From the records below, transcribe only the lines running from the one with "msp.add_spline(points, degree=3, dxfattribs=at)" through the one with "for s, height, p". Keep both of those end lines.

(Stored records)
- - -

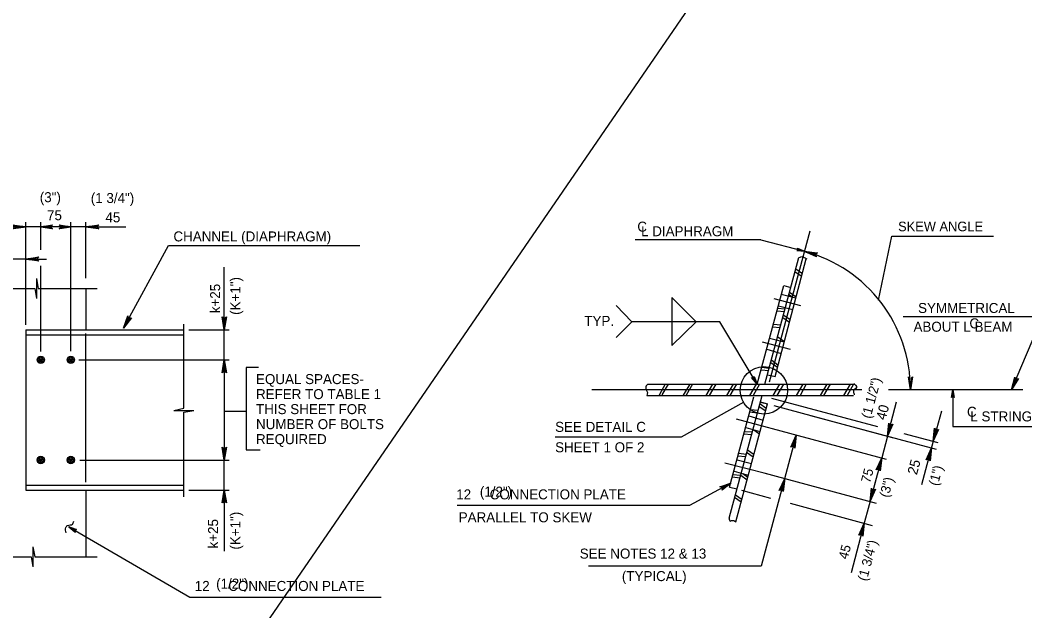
# Model space of a CAD drawing. Extents: x 634656 to 641360, y 298715 to 301183.
# Drawn here: x 640308.6 to 640609.6, y 299068.9 to 299246 of the extents above; entities that cross this region are included whole.
import ezdxf

# ---------------------------------------------------------------- set-up
doc = ezdxf.new("R2010")
doc.units = 0
for name, color, linetype in [('1', 7, 'Continuous'), ('2', 7, 'Continuous'), ('40', 7, 'Continuous')]:
    doc.layers.add(name, color=color, linetype=linetype)

msp = doc.modelspace()

# ---------------------------------------------------------------- linework, layer by layer
at = {"layer": '1'}
msp.add_line((641102.54, 300114.62), (640153.96, 298732.63), dxfattribs=at)
for points in [[(640306.55, 299184.47), (640306.69, 299184.2), (640310.24, 299184.01), (640306.55, 299184.47), (640306.36, 299184.63), (640310.24, 299184.01), (640306.69, 299183.83), (640306.56, 299183.57), (640310.24, 299184.01), (640306.36, 299183.39), (640306.56, 299183.57)], [(640318.06, 299183.54), (640317.94, 299183.81), (640314.74, 299184.01), (640318.06, 299183.54), (640318.23, 299183.38), (640314.74, 299184.01), (640317.94, 299184.18), (640318.05, 299184.45), (640314.74, 299184.01), (640318.23, 299184.62), (640318.05, 299184.45)], [(640320.42, 299184.47), (640320.55, 299184.2), (640323.74, 299184.01), (640320.42, 299184.47), (640320.25, 299184.63), (640323.74, 299184.01), (640320.55, 299183.83), (640320.43, 299183.57), (640323.74, 299184.01), (640320.25, 299183.39), (640320.43, 299183.57)], [(640331.93, 299183.54), (640331.8, 299183.81), (640328.24, 299184.01), (640331.93, 299183.54), (640332.12, 299183.38), (640328.24, 299184.01), (640331.79, 299184.18), (640331.92, 299184.45), (640328.24, 299184.01), (640332.12, 299184.62), (640331.92, 299184.45)], [(640313.93, 299173.92), (640313.8, 299174.19), (640310.24, 299174.38), (640313.93, 299173.92), (640314.12, 299173.76), (640310.24, 299174.38), (640313.79, 299174.56), (640313.92, 299174.82), (640310.24, 299174.38), (640314.12, 299175), (640313.92, 299174.82)], [(640547.03, 299175.27), (640546.97, 299175.56), (640543.59, 299176.67), (640547.03, 299175.27), (640547.17, 299175.06), (640543.59, 299176.67), (640547.06, 299175.92), (640547.25, 299176.14), (640543.59, 299176.67), (640547.49, 299176.26), (640547.25, 299176.14)], [(640341.66, 299156.65), (640341.36, 299156.66), (640339.49, 299153.63), (640341.66, 299156.65), (640341.9, 299156.74), (640339.49, 299153.63), (640341.04, 299156.83), (640340.87, 299157.08), (640339.49, 299153.63), (640340.81, 299157.34), (640340.87, 299157.08)], [(640370.21, 299156.82), (640369.94, 299156.69), (640369.74, 299153.13), (640370.21, 299156.82), (640370.37, 299157.01), (640369.74, 299153.13), (640369.57, 299156.68), (640369.3, 299156.81), (640369.74, 299153.13), (640369.13, 299157.01), (640369.3, 299156.81)], [(640369.28, 299140.44), (640369.55, 299140.58), (640369.74, 299144.13), (640369.28, 299140.44), (640369.12, 299140.25), (640369.74, 299144.13), (640369.92, 299140.58), (640370.18, 299140.45), (640369.74, 299144.13), (640370.36, 299140.25), (640370.18, 299140.45)], [(640575.77, 299138.84), (640575.5, 299138.7), (640575.29, 299135.15), (640575.77, 299138.84), (640575.94, 299139.03), (640575.29, 299135.15), (640575.13, 299138.7), (640574.87, 299138.83), (640575.29, 299135.15), (640574.69, 299139.03), (640574.87, 299138.83)], [(640607.48, 299138.42), (640607.18, 299138.4), (640605.61, 299135.2), (640607.48, 299138.42), (640607.7, 299138.53), (640605.61, 299135.2), (640606.83, 299138.54), (640606.64, 299138.76), (640605.61, 299135.2), (640606.56, 299139.01), (640606.64, 299138.76)], [(640569.85, 299124.73), (640569.55, 299124.67), (640568.45, 299121.28), (640569.85, 299124.73), (640570.05, 299124.87), (640568.45, 299121.28), (640569.19, 299124.76), (640568.97, 299124.95), (640568.45, 299121.28), (640568.85, 299125.19), (640568.97, 299124.95)], [(640539.72, 299118.16), (640540.01, 299118.23), (640541.12, 299121.61), (640539.72, 299118.16), (640539.52, 299118.02), (640541.12, 299121.61), (640540.37, 299118.13), (640540.6, 299117.94), (640541.12, 299121.61), (640540.71, 299117.7), (640540.6, 299117.94)], [(640583.56, 299123.17), (640583.27, 299123.11), (640582.15, 299119.73), (640583.56, 299123.17), (640583.77, 299123.31), (640582.15, 299119.73), (640582.91, 299123.2), (640582.69, 299123.39), (640582.15, 299119.73), (640582.57, 299123.63), (640582.69, 299123.39)], [(640370.21, 299117.82), (640369.94, 299117.69), (640369.74, 299114.13), (640370.21, 299117.82), (640370.37, 299118.01), (640369.74, 299114.13), (640369.57, 299117.68), (640369.3, 299117.81), (640369.74, 299114.13), (640369.13, 299118.01), (640369.3, 299117.81)], [(640580.2, 299114.3), (640580.49, 299114.36), (640581.61, 299117.74), (640580.2, 299114.3), (640579.99, 299114.16), (640581.61, 299117.74), (640580.85, 299114.27), (640581.07, 299114.08), (640581.61, 299117.74), (640581.19, 299113.84), (640581.07, 299114.08)], [(640565.3, 299111.34), (640565.59, 299111.4), (640566.71, 299114.78), (640565.3, 299111.34), (640565.09, 299111.2), (640566.71, 299114.78), (640565.95, 299111.31), (640566.18, 299111.12), (640566.71, 299114.78), (640566.29, 299110.88), (640566.18, 299111.12)], [(640536.24, 299105.14), (640536.53, 299105.21), (640537.64, 299108.59), (640536.24, 299105.14), (640536.03, 299105), (640537.64, 299108.59), (640536.89, 299105.11), (640537.11, 299104.92), (640537.64, 299108.59), (640537.23, 299104.68), (640537.11, 299104.92)], [(640564.63, 299105.23), (640564.33, 299105.17), (640563.21, 299101.79), (640564.63, 299105.23), (640564.83, 299105.37), (640563.21, 299101.79), (640563.97, 299105.26), (640563.75, 299105.46), (640563.21, 299101.79), (640563.63, 299105.7), (640563.75, 299105.46)], [(640369.28, 299101.44), (640369.55, 299101.58), (640369.74, 299105.13), (640369.28, 299101.44), (640369.12, 299101.25), (640369.74, 299105.13), (640369.92, 299101.58), (640370.18, 299101.45), (640369.74, 299105.13), (640370.36, 299101.25), (640370.18, 299101.45)], [(640560.06, 299091.72), (640560.35, 299091.78), (640561.46, 299095.17), (640560.06, 299091.72), (640559.86, 299091.58), (640561.46, 299095.17), (640560.71, 299091.69), (640560.94, 299091.5), (640561.46, 299095.17), (640561.06, 299091.26), (640560.94, 299091.5)]]:
    msp.add_lwpolyline(points, dxfattribs=at)
at = {"layer": '2'}
for p, q in [((640310.24, 299184.01), (640297.12, 299184.01)), ((640310.24, 299154.63), (640310.24, 299185.38)), ((640328.24, 299184.01), (640310.24, 299184.01)), ((640314.74, 299177.13), (640314.74, 299185.38)), ((640323.74, 299184.01), (640315.12, 299184.01)), ((640323.74, 299146.76), (640323.74, 299185.38)), ((640328.24, 299168.62), (640328.24, 299185.38)), ((640328.24, 299184.01), (640340.24, 299184.01)), ((640533.11, 299137.58), (640545.24, 299182.83)), ((640565.74, 299162.08), (640569.74, 299181.2)), ((640569.74, 299181.2), (640600.24, 299181.2)), ((640339.49, 299153.63), (640352.97, 299178.4)), ((640352.97, 299178.4), (640410.38, 299178.4)), ((640530.49, 299180.08), (640492.86, 299180.08)), ((640530.49, 299180.08), (640543.61, 299176.7)), ((640310.24, 299154.63), (640310.24, 299175.76)), ((640310.24, 299174.38), (640278.87, 299174.38)), ((640310.24, 299174.38), (640316.49, 299174.38)), ((640314.74, 299146.63), (640314.74, 299172.38)), ((640369.74, 299153.13), (640369.74, 299171.89)), ((640531.74, 299136.83), (640541.86, 299174.83)), ((640534.74, 299139.2), (640544.11, 299174.45)), ((640540.74, 299170.58), (640542.74, 299169.2)), ((640540.99, 299171.45), (640542.99, 299170.08)), ((640313.49, 299168.51), (640313.49, 299162.51)), ((640313.49, 299168.51), (640313.99, 299165.51)), ((640529.36, 299136.83), (640537.36, 299166.45)), ((640537.36, 299166.45), (640539.49, 299165.83)), ((640294.99, 299165.51), (640311.49, 299165.51)), ((640311.24, 299165.51), (640311.24, 299165.51)), ((640311.24, 299165.51), (640312.99, 299165.51)), ((640312.99, 299165.51), (640313.49, 299162.51)), ((640313.49, 299165.51), (640313.49, 299165.51)), ((640313.99, 299165.51), (640315.87, 299165.51)), ((640315.87, 299165.51), (640331.62, 299165.51)), ((640328.24, 299165.38), (640328.24, 299153.13)), ((640503.86, 299162.83), (640503.86, 299155.58)), ((640503.86, 299162.83), (640511.11, 299155.58)), ((640536.61, 299163.83), (640540.99, 299162.7)), ((640538.99, 299163.7), (640540.11, 299162.83)), ((640539.11, 299164.45), (640541.11, 299163.08)), ((640534.36, 299162.58), (640542.36, 299160.45)), ((640535.74, 299160.33), (640540.11, 299159.2)), ((640537.61, 299158.58), (640535.24, 299158.7)), ((640537.74, 299159.33), (640535.49, 299159.58)), ((640537.11, 299156.83), (640539.11, 299155.45)), ((640537.36, 299157.58), (640539.24, 299156.2)), ((640614.86, 299157.08), (640573.11, 299157.08)), ((640605.61, 299135.2), (640614.86, 299157.08)), ((640357.62, 299131.38), (640357.62, 299154.88)), ((640518.24, 299155.58), (640491.86, 299155.58)), ((640503.86, 299155.58), (640503.86, 299148.45)), ((640503.86, 299148.45), (640511.11, 299155.58)), ((640529.36, 299136.83), (640518.24, 299155.58)), ((640536.24, 299153.7), (640533.99, 299153.95)), ((640536.49, 299154.58), (640534.24, 299154.7)), ((640310.24, 299153.13), (640357.62, 299153.13)), ((640310.24, 299153.13), (640310.24, 299105.13)), ((640310.24, 299151.63), (640357.62, 299151.63)), ((640328.24, 299107.51), (640328.24, 299152.01)), ((640359.12, 299153.13), (640371.24, 299153.13)), ((640369.74, 299144.13), (640369.74, 299153.13)), ((640535.61, 299151.08), (640537.61, 299149.7)), ((640530.86, 299149.58), (640539.24, 299147.33)), ((640533.11, 299150.7), (640537.49, 299149.58)), ((640532.24, 299147.33), (640536.61, 299146.08)), ((640314.74, 299144.13), (640314.74, 299144.13)), ((640323.74, 299144.13), (640323.74, 299144.13)), ((640326.12, 299144.13), (640371.24, 299144.13)), ((640369.74, 299144.13), (640369.74, 299114.13)), ((640376.24, 299141.88), (640376.24, 299117.13)), ((640379.99, 299141.88), (640376.24, 299141.88)), ((640532.99, 299141.58), (640530.74, 299141.83)), ((640533.49, 299143.33), (640535.49, 299141.95)), ((640533.74, 299144.08), (640535.61, 299142.7)), ((640532.86, 299140.83), (640530.61, 299141.08)), ((640532.61, 299139.7), (640534.74, 299139.2)), ((640496.61, 299136.83), (640558.61, 299136.83)), ((640501.86, 299136.83), (640499.99, 299133.58)), ((640502.74, 299136.83), (640500.86, 299133.7)), ((640509.24, 299136.83), (640507.24, 299133.58)), ((640509.99, 299136.83), (640508.11, 299133.58)), ((640515.99, 299136.83), (640513.99, 299133.45)), ((640516.99, 299136.83), (640514.99, 299133.45)), ((640522.24, 299136.83), (640520.24, 299133.45)), ((640523.24, 299136.83), (640521.24, 299133.45)), ((640529.11, 299136.83), (640527.11, 299133.45)), ((640530.11, 299136.83), (640528.24, 299133.45)), ((640536.11, 299136.83), (640534.11, 299133.45)), ((640537.24, 299136.83), (640535.24, 299133.45)), ((640543.11, 299136.83), (640541.11, 299133.45)), ((640544.11, 299136.83), (640542.24, 299133.45)), ((640550.24, 299136.83), (640548.24, 299133.45)), ((640551.24, 299136.83), (640549.24, 299133.45)), ((640557.24, 299136.83), (640555.24, 299133.45)), ((640558.24, 299136.83), (640556.36, 299133.45)), ((640560.72, 299135.2), (640479.86, 299135.2)), ((640496.36, 299133.45), (640558.24, 299133.45)), ((640511.86, 299135.2), (640511.86, 299135.2)), ((640520.99, 299096.7), (640530.86, 299133.45)), ((640521.11, 299105.95), (640528.36, 299133.08)), ((640533.67, 299132.7), (640565.46, 299124.18)), ((640608.99, 299135.2), (640568.73, 299135.2)), ((640588.01, 299135.2), (640588.01, 299124.2)), ((640357.62, 299129.63), (640357.62, 299131.38)), ((640525.36, 299131.45), (640506.61, 299120.95)), ((640522.99, 299095.58), (640532.49, 299130.95)), ((640529.99, 299130.2), (640531.99, 299128.83)), ((640530.24, 299131.08), (640532.11, 299129.7)), ((640530.36, 299131.58), (640532.49, 299130.95)), ((640530.36, 299131.45), (640532.49, 299130.95)), ((640534.38, 299130.45), (640569.83, 299120.92)), ((640568.45, 299121.28), (640571.17, 299131.55)), ((640354.62, 299129.01), (640357.62, 299129.63)), ((640354.62, 299129.01), (640360.62, 299129.01)), ((640357.62, 299128.51), (640360.62, 299129.01)), ((640357.62, 299129.01), (640357.62, 299129.01)), ((640357.62, 299126.76), (640357.62, 299128.51)), ((640357.62, 299127.76), (640357.62, 299127.76)), ((640357.62, 299103.13), (640357.62, 299127.01)), ((640369.74, 299128.76), (640376.37, 299128.76)), ((640526.86, 299127.33), (640531.24, 299126.08)), ((640529.49, 299128.2), (640527.11, 299128.45)), ((640529.61, 299128.95), (640527.36, 299129.2)), ((640545.36, 299127.5), (640582.99, 299117.37)), ((640584.61, 299128.81), (640582.15, 299119.73)), ((640523.11, 299126.45), (640536.47, 299122.84)), ((640525.99, 299123.83), (640530.24, 299122.7)), ((640588.01, 299124.2), (640624.76, 299124.2)), ((640506.61, 299120.95), (640468.86, 299120.95)), ((640527.74, 299121.7), (640525.36, 299121.83)), ((640527.86, 299122.45), (640525.61, 299122.58)), ((640528.11, 299123.33), (640530.11, 299121.95)), ((640541.12, 299121.61), (640530.61, 299082.33)), ((640536.47, 299122.85), (640568.08, 299114.42)), ((640568.45, 299121.28), (640566.71, 299114.79)), ((640573.33, 299122.08), (640583.49, 299119.37)), ((640582.15, 299119.73), (640578.61, 299106.67)), ((640376.24, 299117.13), (640380.49, 299117.13)), ((640525.86, 299115.08), (640523.61, 299115.33)), ((640526.11, 299115.83), (640523.86, 299116.08)), ((640526.24, 299116.45), (640528.24, 299115.08)), ((640526.49, 299117.2), (640528.49, 299115.83)), ((640566.71, 299114.78), (640564.46, 299106.42)), ((640314.74, 299114.13), (640314.74, 299114.13)), ((640323.74, 299114.13), (640323.74, 299114.13)), ((640326.49, 299114.13), (640371.24, 299114.13)), ((640369.74, 299105.13), (640369.74, 299114.13)), ((640519.74, 299113.33), (640532.27, 299110.06)), ((640523.36, 299114.2), (640527.74, 299113.08)), ((640524.24, 299108.7), (640521.99, 299108.95)), ((640524.36, 299109.45), (640522.11, 299109.7)), ((640522.49, 299110.83), (640526.74, 299109.58)), ((640524.49, 299109.58), (640526.36, 299108.2)), ((640525.11, 299110.08), (640526.61, 299108.95)), ((640531.44, 299110.26), (640565.08, 299101.17)), ((640565.46, 299110.04), (640563.21, 299101.79)), ((640310.24, 299106.63), (640357.62, 299106.63)), ((640521.49, 299107.2), (640509.11, 299100.45)), ((640521.11, 299105.95), (640523.36, 299105.45)), ((640310.24, 299105.13), (640357.62, 299105.13)), ((640328.24, 299105.13), (640328.24, 299085.13)), ((640359.12, 299105.13), (640371.24, 299105.13)), ((640369.74, 299105.13), (640369.74, 299086.76)), ((640522.61, 299102.95), (640524.61, 299101.58)), ((640522.86, 299103.7), (640524.86, 299102.33)), ((640524.74, 299105.08), (640533.36, 299102.7)), ((640509.11, 299100.45), (640439.46, 299100.45)), ((640539.32, 299101.15), (640563.83, 299094.54)), ((640563.21, 299101.79), (640560.96, 299093.42)), ((640323.12, 299094.13), (640359.36, 299073)), ((640561.46, 299095.17), (640557.52, 299080.35)), ((640312.37, 299088.13), (640312.37, 299082.13)), ((640312.37, 299088.13), (640312.99, 299085.13)), ((640295.87, 299085.13), (640310.12, 299085.13)), ((640310.12, 299085.13), (640311.87, 299085.13)), ((640311.87, 299085.13), (640312.37, 299082.13)), ((640312.37, 299085.13), (640312.37, 299085.13)), ((640312.99, 299085.13), (640314.74, 299085.13)), ((640313.49, 299085.13), (640313.49, 299085.13)), ((640314.24, 299085.13), (640331.62, 299085.13)), ((640530.61, 299082.33), (640478.86, 299082.33)), ((640359.36, 299073), (640416.75, 299073))]:
    msp.add_line(p, q, dxfattribs=at)
for points in [[(640541.49, 299177.45), (640541.61, 299177.33), (640543.61, 299176.7), (640541.49, 299177.45), (640541.49, 299177.58), (640543.61, 299176.7), (640541.49, 299177.08), (640541.36, 299176.95), (640543.61, 299176.7), (640541.24, 299176.95), (640541.36, 299176.95)], [(640487.11, 299160.45), (640491.86, 299155.58), (640487.11, 299150.83)], [(640528.36, 299139.08), (640528.36, 299138.83), (640529.36, 299136.83), (640528.36, 299139.08), (640528.49, 299139.2), (640529.36, 299136.83), (640528.11, 299138.7), (640527.86, 299138.7), (640529.36, 299136.83), (640527.74, 299138.83), (640527.86, 299138.7)], [(640587.76, 299132.95), (640587.89, 299133.08), (640588.01, 299135.2), (640587.76, 299132.95), (640587.64, 299132.83), (640588.01, 299135.2), (640588.14, 299133.08), (640588.39, 299132.95), (640588.01, 299135.2), (640588.39, 299132.83), (640588.39, 299132.95)], [(640518.49, 299106.08), (640518.74, 299105.83), (640521.49, 299107.2), (640518.49, 299106.08), (640518.24, 299106.08), (640521.49, 299107.2), (640518.86, 299105.58), (640518.86, 299105.33), (640521.49, 299107.2), (640518.86, 299105.08), (640518.86, 299105.33)], [(640324.99, 299092.63), (640324.99, 299092.88), (640323.12, 299094.13), (640324.99, 299092.63), (640325.12, 299092.51), (640323.12, 299094.13), (640325.12, 299093.13), (640325.37, 299093.26), (640323.12, 299094.13), (640325.49, 299093.26), (640325.37, 299093.26)]]:
    msp.add_lwpolyline(points, dxfattribs=at)
for centre, radius in [((640314.74, 299144.14), 1.11), ((640314.74, 299144.14), 0.792), ((640323.74, 299144.14), 1.11), ((640323.74, 299144.14), 0.792), ((640314.74, 299144.14), 0.433), ((640314.74, 299144.14), 0.219), ((640314.74, 299144.14), 0.0937), ((640323.74, 299144.14), 0.433), ((640323.74, 299144.14), 0.219), ((640323.74, 299144.14), 0.0937), ((640531.41, 299135.01), 7.1), ((640314.74, 299114.14), 1.11), ((640314.74, 299114.14), 0.792), ((640323.74, 299114.14), 1.11), ((640323.74, 299114.14), 0.792), ((640314.74, 299114.14), 0.433), ((640314.74, 299114.14), 0.219), ((640314.74, 299114.14), 0.0937), ((640323.74, 299114.14), 0.433), ((640323.74, 299114.14), 0.219), ((640323.74, 299114.14), 0.0937)]:
    msp.add_circle(centre, radius, dxfattribs=at)
msp.add_arc((640532.54, 299135.37), 42.76, 359.7137, 75.0215, dxfattribs=at)
for points in [[(640541.99, 299174.83), (640542.49, 299175.08), (640543.11, 299175.08), (640543.49, 299174.83), (640543.99, 299174.58), (640544.24, 299174.45)], [(640496.61, 299136.83), (640496.11, 299136.33), (640496.11, 299135.2), (640496.49, 299134.33), (640496.36, 299133.45)], [(640558.36, 299137.08), (640559.11, 299136.2), (640558.99, 299135.58), (640558.36, 299135.2), (640558.24, 299134.58), (640558.49, 299133.7)], [(640520.99, 299096.7), (640521.36, 299095.83), (640521.74, 299095.95), (640522.36, 299095.95), (640522.99, 299095.58)], [(640322.37, 299092.26), (640322.24, 299093.88), (640322.74, 299094.51), (640324.24, 299094.88), (640324.62, 299095.76)]]:
    msp.add_spline(points, degree=3, dxfattribs=at)

# ---------------------------------------------------------------- texts
for s, height, p in [('75', 3, (640316.62, 299186.01)), ('45', 3, (640334.12, 299185.38)), ('C', 3, (640493.49, 299182.58)), ('L DIAPHRAGM', 3, (640494.61, 299181.2)), ('SKEW ANGLE', 2.879, (640571.61, 299182.7)), ('CHANNEL (DIAPHRAGM)', 3, (640354.5, 299179.65)), ('SYMMETRICAL', 3, (640577.61, 299158.2)), ('TYP.', 3, (640477.61, 299154.33)), ('ABOUT L BEAM', 3, (640576.24, 299152.58)), ('C', 3, (640592.99, 299153.58)), ('EQUAL SPACES-', 3, (640379.24, 299136.88)), ('REFER TO TABLE 1', 3, (640379.24, 299132.38)), ('THIS SHEET FOR', 3, (640379.24, 299127.88)), ('C', 3, (640592.26, 299127.08)), ('L STRINGER', 3, (640593.26, 299125.7)), ('NUMBER OF BOLTS', 3, (640379.24, 299123.38)), ('SEE DETAIL C', 3, (640468.86, 299122.57)), ('REQUIRED', 3, (640379.24, 299118.88)), ('SHEET 1 OF 2', 3, (640468.86, 299116.45)), ('12     CONNECTION PLATE', 3, (640439.23, 299102.33)), ('PARALLEL TO SKEW', 3, (640439.97, 299095.45)), ('SEE NOTES 12 & 13  ', 3, (640476.24, 299084.58)), ('(TYPICAL)', 3, (640488.86, 299077.83)), ('12     CONNECTION PLATE', 3, (640360.89, 299074.88))]:
    msp.add_text(s, height=height, dxfattribs=at).set_placement(p)
for s, height, rotation, p in [(' k+25 ', 3, 90, (640368.49, 299157.01)), ('40', 3, 75.0076, (640567.83, 299125.92)), ('25 ', 3, 74.9759, (640577.24, 299109.5)), ('75', 2.875, 75.0282, (640563.21, 299107.04)), (' k+25 ', 3, 90, (640367.87, 299086.51)), ('45', 2.875, 74.9886, (640556.46, 299084.17))]:
    msp.add_text(s, height=height, rotation=rotation, dxfattribs=at).set_placement(p)
at = {"layer": '40'}
for s, p in [('(3")', (640314.45, 299191.41)), ('(1 3/4")', (640329.73, 299191.16)), ('(1/2")', (640446.3, 299103.15)), ('(1/2")', (640367.29, 299075.58))]:
    msp.add_text(s, height=3, dxfattribs=at).set_placement(p)
for s, height, rotation, p in [('(K+1")', 3, 90, (640374.53, 299157.63)), ('(1 1/2")', 2.875, 74.9886, (640563.34, 299126.37)), ('(1")', 2.875, 74.9886, (640583.5, 299106.21)), ('(3")', 2.875, 74.9886, (640568.73, 299102.7)), ('(K+1")', 3, 90, (640374.53, 299087.27)), ('(1 3/4")', 2.875, 74.9886, (640562.22, 299077.66))]:
    msp.add_text(s, height=height, rotation=rotation, dxfattribs=at).set_placement(p)

doc.saveas('drawing.dxf')

- - -

(RESPONSE TO THIS EXERCISE):
    msp.add_spline(points, degree=3, dxfattribs=at)

# ---------------------------------------------------------------- texts
for s, height, p in [('75', 3, (640316.62, 299186.01)), ('45', 3, (640334.12, 299185.38)), ('C', 3, (640493.49, 299182.58)), ('L DIAPHRAGM', 3, (640494.61, 299181.2)), ('SKEW ANGLE', 2.879, (640571.61, 299182.7)), ('CHANNEL (DIAPHRAGM)', 3, (640354.5, 299179.65)), ('SYMMETRICAL', 3, (640577.61, 299158.2)), ('TYP.', 3, (640477.61, 299154.33)), ('ABOUT L BEAM', 3, (640576.24, 299152.58)), ('C', 3, (640592.99, 299153.58)), ('EQUAL SPACES-', 3, (640379.24, 299136.88)), ('REFER TO TABLE 1', 3, (640379.24, 299132.38)), ('THIS SHEET FOR', 3, (640379.24, 299127.88)), ('C', 3, (640592.26, 299127.08)), ('L STRINGER', 3, (640593.26, 299125.7)), ('NUMBER OF BOLTS', 3, (640379.24, 299123.38)), ('SEE DETAIL C', 3, (640468.86, 299122.57)), ('REQUIRED', 3, (640379.24, 299118.88)), ('SHEET 1 OF 2', 3, (640468.86, 299116.45)), ('12     CONNECTION PLATE', 3, (640439.23, 299102.33)), ('PARALLEL TO SKEW', 3, (640439.97, 299095.45)), ('SEE NOTES 12 & 13  ', 3, (640476.24, 299084.58)), ('(TYPICAL)', 3, (640488.86, 299077.83)), ('12     CONNECTION PLATE', 3, (640360.89, 299074.88))]:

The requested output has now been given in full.